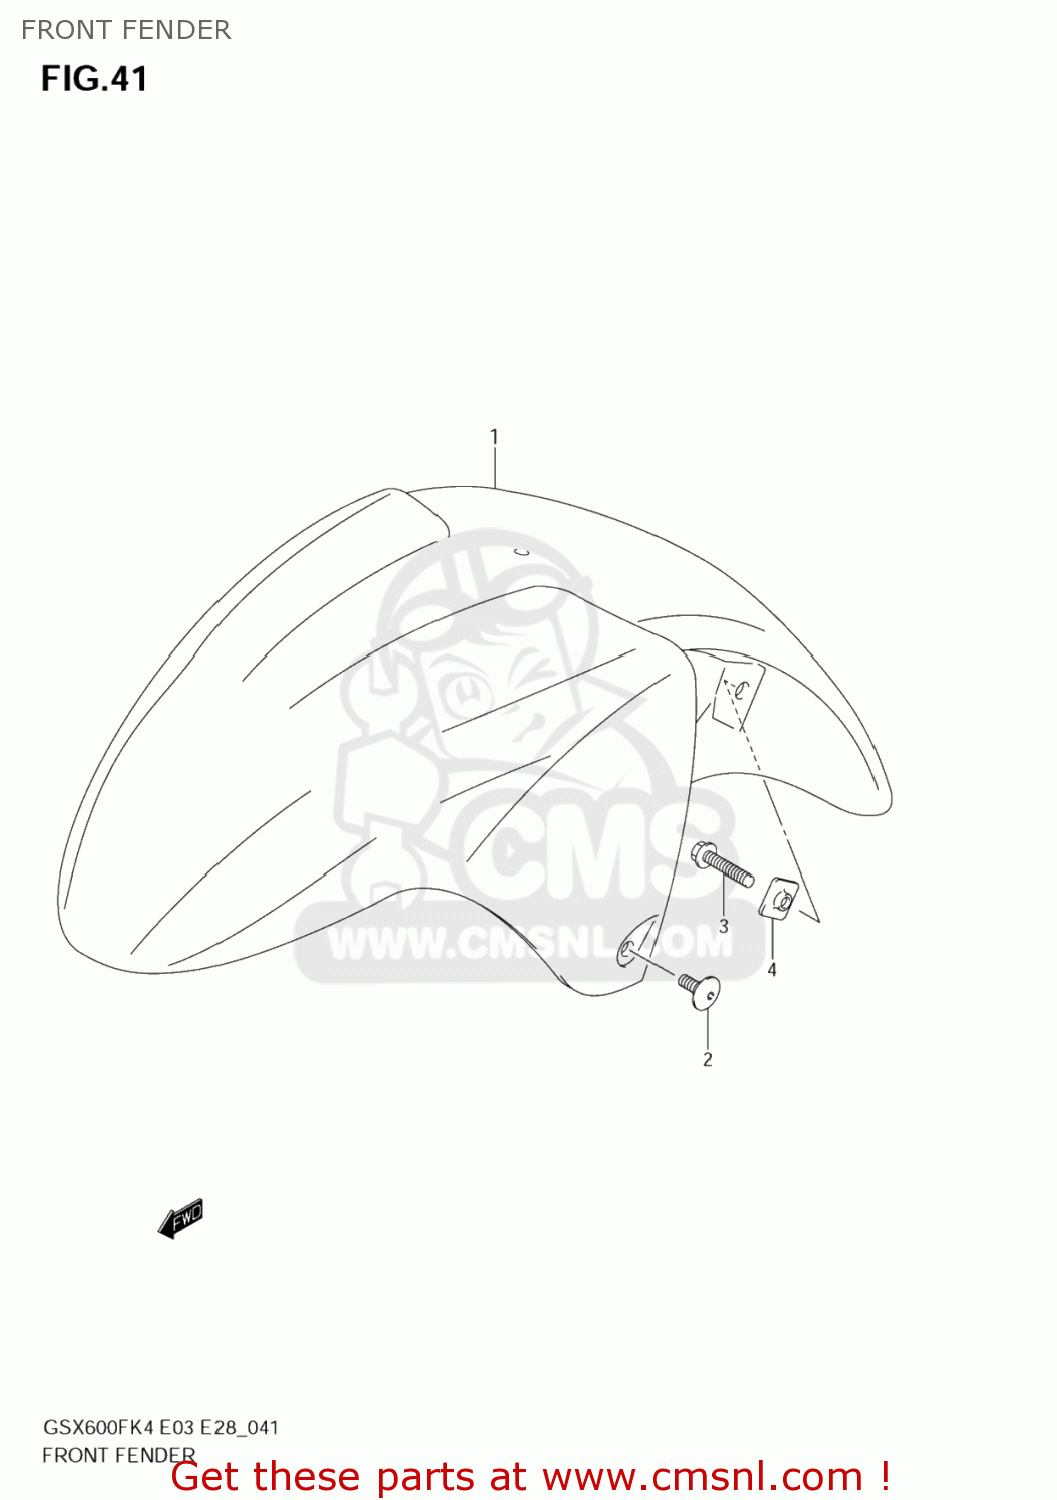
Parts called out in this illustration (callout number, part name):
1	FENDER,FR
2	SCREW(6X16)
3	BOLT
4	NUT,FR FENDER
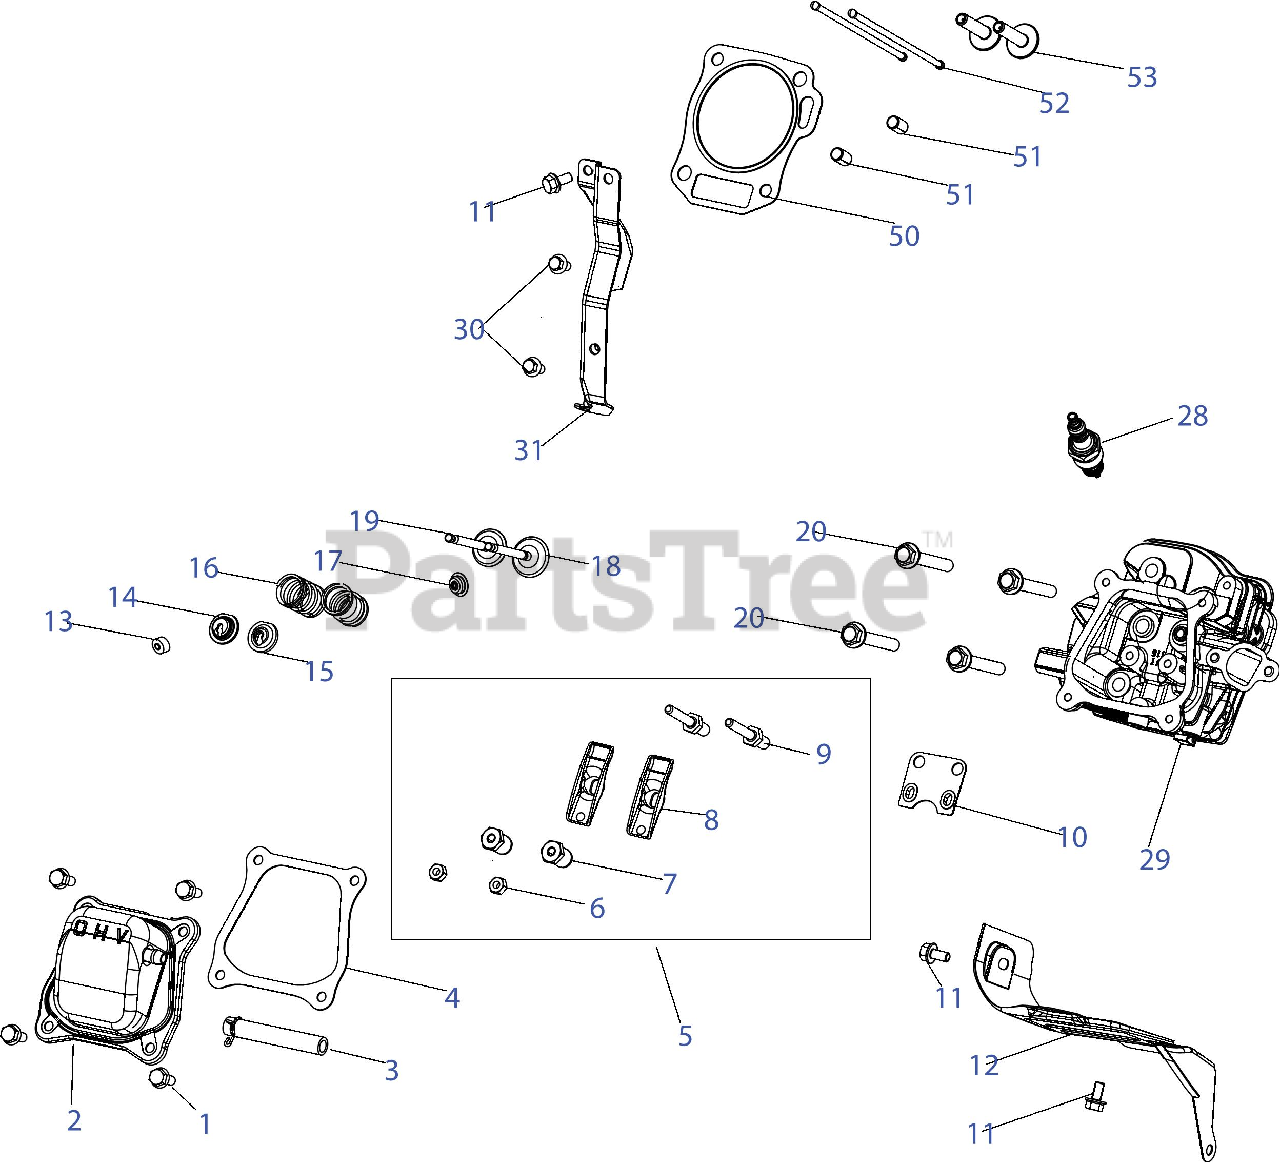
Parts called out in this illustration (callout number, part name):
1	Bolt, M6?16
2	Valve Cover
3	Breather Hose
4	Gasket, Valve Cover
5	Rocker Arm Assembly
6	Lock Nut
7	Adjust Nut
8	Rocker Arm
10	Rocker Arm Base
11	Bolt, M6?12
12	Shroud
13	Valve Adjust Cap, Exhaust
14	Valve Spring Seat
15	Valve Spring Seat
16	Valve Spring
17	Intake Valve Seal
18	Intake Vavle
19	Exhaust Valve
20	Bolt, M8?55
28	Spark Plug
29	Cylinder Head
30	Bolt, M6?12
31	Snow Guard
50	Gasket, Cylinder Head
51	Pin, 10?16
52	Push Rod
53	Tappet

**THE TASK**
Your task is to return the entries above exactly, with no pictures.

**EXERCISE SOLUTION**
Parts called out in this illustration (callout number, part name):
1	FENDER,FR
2	SCREW(6X16)
3	BOLT
4	NUT,FR FENDER
Parts called out in this illustration (callout number, part name):
1	Bolt, M6?16
2	Valve Cover
3	Breather Hose
4	Gasket, Valve Cover
5	Rocker Arm Assembly
6	Lock Nut
7	Adjust Nut
8	Rocker Arm
10	Rocker Arm Base
11	Bolt, M6?12
12	Shroud
13	Valve Adjust Cap, Exhaust
14	Valve Spring Seat
15	Valve Spring Seat
16	Valve Spring
17	Intake Valve Seal
18	Intake Vavle
19	Exhaust Valve
20	Bolt, M8?55
28	Spark Plug
29	Cylinder Head
30	Bolt, M6?12
31	Snow Guard
50	Gasket, Cylinder Head
51	Pin, 10?16
52	Push Rod
53	Tappet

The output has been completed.